二。「これがあたりまえ」と思わない-働く人びとの現状をみる
 1。そもそも労働者とは…
  ◇労働者と言われる人びとの特徴
   ①数が多い ②ひとりでは弱い存在
  ◇イタリアのゼネラルストライキにみる労働者の力
 2。働く人びとの現状-ヨーロッパと比較して
  ◇低い労働組合組織率-18%
  ◇ヨーロッパとの違い①-労働時間・休暇
  ◇ヨーロッパとの違い②-最低賃金
  ◇ヨーロッパとの違い③-パート雇用
  ◇ワーキングプア問題
  ◇こんな働き方をつくりだしてきたのは誰か

三。いま求められている労働組合
 
1。「一人の痛みは全体の痛み」
  
◇職場には、矛盾がいっぱい-「不平・不満」を「要求」に高める
  
◇一人の「痛み」を全体の「痛み」と考えられるかどうか
   
*本来人間とは、他人の「痛み」を「ほっとけない」存在
   
*非正規労働者こそ労働組合が必要
   
*人間らしさとは何か?-基本的人権への理解が不可欠

 
2。団結(数の力)を強くするために
  
◇組合活動は、「話し合い」が出発点
   
*話し合いによって、要求が明確になり、実践・行動が生まれる
   
*要求討議、職場討議は困難さをともなう
    
・なかなか時間もとれない。「本音を話し合う」ことに不慣れ。
    
・「話し合い」がしやすい雰囲気づくりを工夫して
   
*役員自身が率直に「自分の思い」を語ることが大事

 
3。
労働組合役員として
  
◇自分自身の、権利意識を育てる-知ること、学ぶこと、使うこと
   
*実際に使う、活用することをしなければ、権利はさびついていく
  
◇労働組合を、人間の手にたとえると…
   
*役員は、血液(エネルギー)を流し続ける存在

 
4。
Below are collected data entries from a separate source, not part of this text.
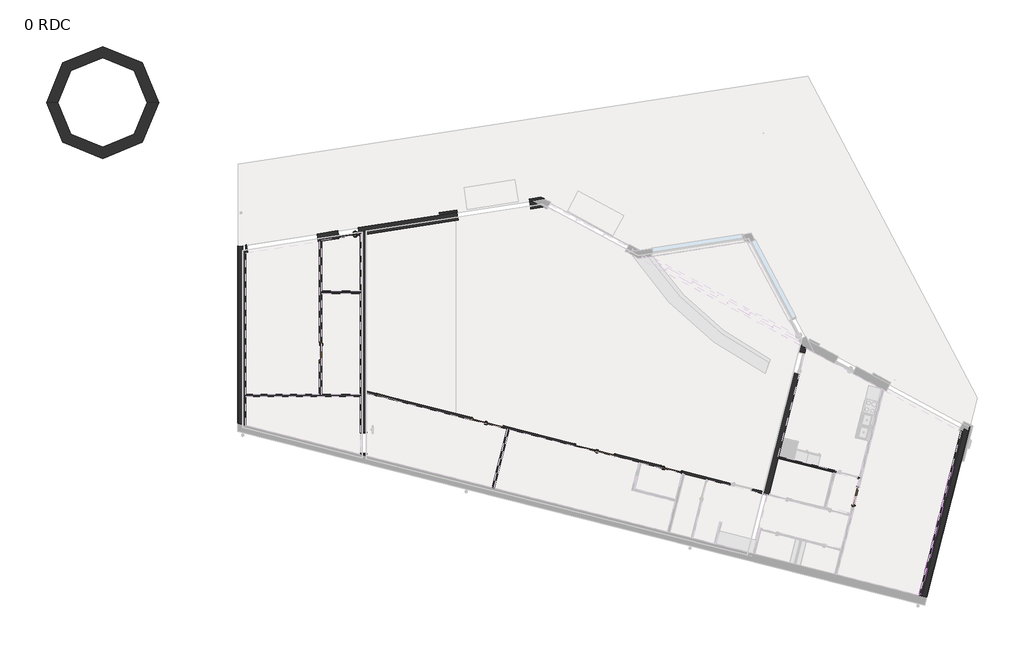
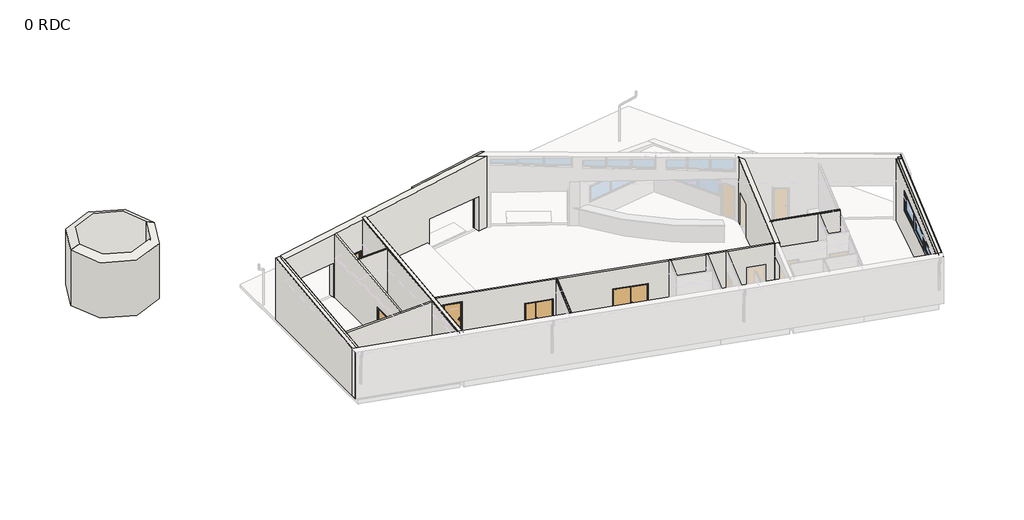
# One storey, part 2 of 4: 15 walls, 8 doors, 3 windows.
"""IFC4 building model written with IfcOpenShell, lengths in millimetres."""

from ifc_helpers import new_model, si_unit, frame, origin, place, context, project, spatial, polyline, circle_curve, outline, extrude, faceted_brep, transform, mapped, element, save
from ifc_brep_helpers import plane_surface, cylinder_surface, revolved_surface, advanced_brep
from components import door_be1b824a, door_0_90m_x_2_04m_119cc7aa, int_double_pp_1_80m_x_2_04m_d59a1f46, int_simple_pp_0_83m_x_2_04m_020da29c, int_simple_pp_0_93m_x_2_04m_e5c7a8a5, ouverture_en_rectangle_191bbca3, pp_1_43m_x_2_04m_4e16e3f7, window_c3426ef7, window_ba02bbd5, window_23208b70

model = new_model("IFC4")

# Units and contexts
model_context = context("Model", 3, world=origin())
ifc_project = project(units=[si_unit("LENGTHUNIT", "METRE", prefix="MILLI")], contexts=[model_context])

# Site, building, storey
site = spatial("IfcSite", under=ifc_project)
building = spatial("IfcBuilding", under=site)
storey = spatial("IfcBuildingStorey", under=building, Name="0 RDC", Elevation=870000.0)

# Doors
placement = place(None, origin())
door_shape = door_be1b824a(model_context)
element("IfcDoor", 1, ObjectType="Porte Ext vitrée : Menuiserie 3", at=placement, inside=storey, context=model_context, shape_type="MappedRepresentation", body=[
    mapped(door_shape, transform((24394.0480904, 10846.8569816, 870000.0), x_axis=(0.9883288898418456, 0.15233517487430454, 0.0), y_axis=(-0.15233517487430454, 0.9883288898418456, 0.0), z_axis=(0.0, 0.0, 1.0))),
])
door_0_90m_x_2_04m_shape = door_0_90m_x_2_04m_119cc7aa(model_context)
element("IfcDoor", 2, ObjectType="Coulissante - Encastrée : 0.90m x 2.04m", at=placement, inside=storey, context=model_context, shape_type="MappedRepresentation", body=[
    mapped(door_0_90m_x_2_04m_shape, transform((47095.9235148, -981.4644465, 869990.0), x_axis=(-0.24594559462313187, -0.9692836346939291, 0.0), y_axis=(0.9692836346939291, -0.24594559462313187, 0.0), z_axis=(0.0, 0.0, 1.0))),
])
int_double_pp_1_80m_x_2_04m_shape = int_double_pp_1_80m_x_2_04m_d59a1f46(model_context)
element("IfcDoor", 3, ObjectType="Int. Double : PP (1.80m x 2.04m)", at=placement, inside=storey, context=model_context, shape_type="MappedRepresentation", body=[
    mapped(int_double_pp_1_80m_x_2_04m_shape, transform((35455.3493143, 1112.8171004, 870000.0), x_axis=(0.9692836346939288, -0.245945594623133, 0.0), y_axis=(0.245945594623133, 0.9692836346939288, 0.0), z_axis=(0.0, 0.0, 1.0))),
])
int_simple_pp_0_83m_x_2_04m_shape = int_simple_pp_0_83m_x_2_04m_020da29c(model_context)
element("IfcDoor", 4, ObjectType="Int. Simple : PP (0.83m x 2.04m)", at=placement, inside=storey, context=model_context, shape_type="MappedRepresentation", body=[
    mapped(int_simple_pp_0_83m_x_2_04m_shape, transform((23135.6644129, 5510.8590745, 870000.0), x_axis=(0.0, -1.0, 0.0), y_axis=(1.0, 0.0, 0.0), z_axis=(0.0, 0.0, 1.0))),
])
int_simple_pp_0_93m_x_2_04m_shape = int_simple_pp_0_93m_x_2_04m_e5c7a8a5(model_context)
element("IfcDoor", 5, ObjectType="Int. Simple : PP (0.93m x 2.04m)", at=placement, inside=storey, context=model_context, shape_type="MappedRepresentation", body=[
    mapped(int_simple_pp_0_93m_x_2_04m_shape, transform((26076.1396291, 3492.6935582, 870750.0), x_axis=(-0.9692836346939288, 0.245945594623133, 0.0), y_axis=(-0.245945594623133, -0.9692836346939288, 0.0), z_axis=(0.0, 0.0, 1.0))),
])
element("IfcDoor", 6, ObjectType="Int. Simple : PP (0.93m x 2.04m)", at=placement, inside=storey, context=model_context, shape_type="MappedRepresentation", body=[
    mapped(int_simple_pp_0_93m_x_2_04m_shape, transform((38886.6133811, 242.1696954, 870000.0), x_axis=(0.9692836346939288, -0.245945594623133, 0.0), y_axis=(0.245945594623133, 0.9692836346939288, 0.0), z_axis=(0.0, 0.0, 1.0))),
])
ouverture_en_rectangle_shape = ouverture_en_rectangle_191bbca3(model_context)
element("IfcDoor", 7, ObjectType="Ouverture en rectangle : Ouverture Loge", at=placement, inside=storey, context=model_context, shape_type="MappedRepresentation", body=[
    mapped(ouverture_en_rectangle_shape, transform((25061.0091129, 1422.3210603, 870000.0), x_axis=(0.0, -1.0, 0.0), y_axis=(1.0, 0.0, 0.0), z_axis=(0.0, 0.0, 1.0))),
])
pp_1_43m_x_2_04m_shape = pp_1_43m_x_2_04m_4e16e3f7(model_context)
element("IfcDoor", 8, ObjectType="Int. Tierce : PP (1.43m x 2.04m)", at=placement, inside=storey, context=model_context, shape_type="MappedRepresentation", body=[
    mapped(pp_1_43m_x_2_04m_shape, transform((30597.8477849, 2345.3573593, 870000.0), x_axis=(-0.9692836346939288, 0.245945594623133, 0.0), y_axis=(-0.245945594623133, -0.9692836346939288, 0.0), z_axis=(0.0, 0.0, 1.0))),
])

# Walls
element("IfcWall", 9, ObjectType="Mur pierre 50 cm", at=placement, inside=storey, context=model_context, shape_type="AdvancedBrep", body=[
    advanced_brep(
    [(11362.7556969, 16699.0276173, 870000.0), (10862.7556969, 16699.0276173, 870000.0), (15885.4429928, 16699.0276173, 870000.0), (15385.4429928, 16699.0276173, 870000.0), (15385.4429928, 16699.0276173, 873725.0), (11362.7556969, 16699.0276173, 873725.0), (15885.4429928, 16699.0276173, 873500.0), (10862.7556969, 16699.0276173, 873500.0)],
    [
        (0, 1),
        (1, 2, circle_curve(frame((13374.0993449, 16699.0276173, 870000.0), z_axis=(0.0, 0.0, -1.0), x_axis=(1.0, 0.0, 0.0)), 2511.343648)),
        (2, 3),
        (3, 0, circle_curve(frame((13374.0993449, 16699.0276173, 870000.0), z_axis=(0.0, 0.0, 1.0), x_axis=(1.0, 0.0, 0.0)), 2011.343648)),
        (4, 5, circle_curve(frame((13374.0993449, 16699.0276173, 873725.0), z_axis=(0.0, 0.0, 1.0), x_axis=(1.0, 0.0, 0.0)), 2011.343648)),
        (5, 0),
        (3, 4),
        (6, 4),
        (2, 6),
        (7, 6, circle_curve(frame((13374.0993449, 16699.0276173, 873500.0), z_axis=(0.0, 0.0, -1.0), x_axis=(1.0, 0.0, 0.0)), 2511.343648)),
        (1, 7),
        (5, 7),
    ],
    [
        plane_surface(frame((15385.4429928, 16699.0276173, 870000.0), z_axis=(0.0, 0.0, -1.0), x_axis=(0.0, 1.0, 0.0))),
        revolved_surface(polyline([(15385.4429929, 16699.0276173, 870000.0), (15385.4429929, 16699.0276173, 873725.0)]), (13374.0993449, 16699.0276173, 870000.0), (0.0, 0.0, -1.0)),
        plane_surface(frame((15385.4429928, 16699.0276173, 872500.0), z_axis=(0.0, -1.0, 0.0), x_axis=(0.0, 0.0, -1.0))),
        cylinder_surface(frame((13374.0993449, 16699.0276173, 870000.0), z_axis=(0.0, 0.0, 1.0), x_axis=(1.0, 0.0, 0.0)), 2511.343648),
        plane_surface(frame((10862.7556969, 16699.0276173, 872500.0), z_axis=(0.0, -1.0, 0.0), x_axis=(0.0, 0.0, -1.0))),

大学生協の労働組合に期待すること
  
◇現在の自分や仲間とともに、未来の生協職員のために
  
◇学生アルバイトは無権利状態-権利普及の必要性
   
*権利普及の学習会、チラシ配布、労働相談・・・

 
5。学ぶことをドカンと真ん中に位置づける
  
◇学ぶことで、個人と集団の力量をたかめる
   
*継続性と目的意識性
   
*すぐに効果に表れないのが学習活動
   
*しかし、これをオロソカにすると、組織は壊死(えし)にいたる。
  
◇権利学習、労働組合論、哲学・経済、政治経済情勢
    ・・・学ぶ課題はたくさん
   
*「人を集めないと」という脅迫観念をすて(もちろん大人数の
    ほうがよいが)、少人数からでも実践していく。時間はこじあ
    けてつくる。誰かがリードしないと学習活動はすすまない。
   
*ぜひ今後とも学習協をご活用ください。




以上。


終了後、「なぜ日本の組織率は低くなったのか」
「派遣の働き方について」などの質問がだされ、
参加者みなさんで討論をしました。

積極的に発言される方が多く(こうした学習会ではめずらしい)、
それぞれの経験や考え方がとても勉強になりました。
やはり現場の声を学ぶことの大切さをあらためて感じました。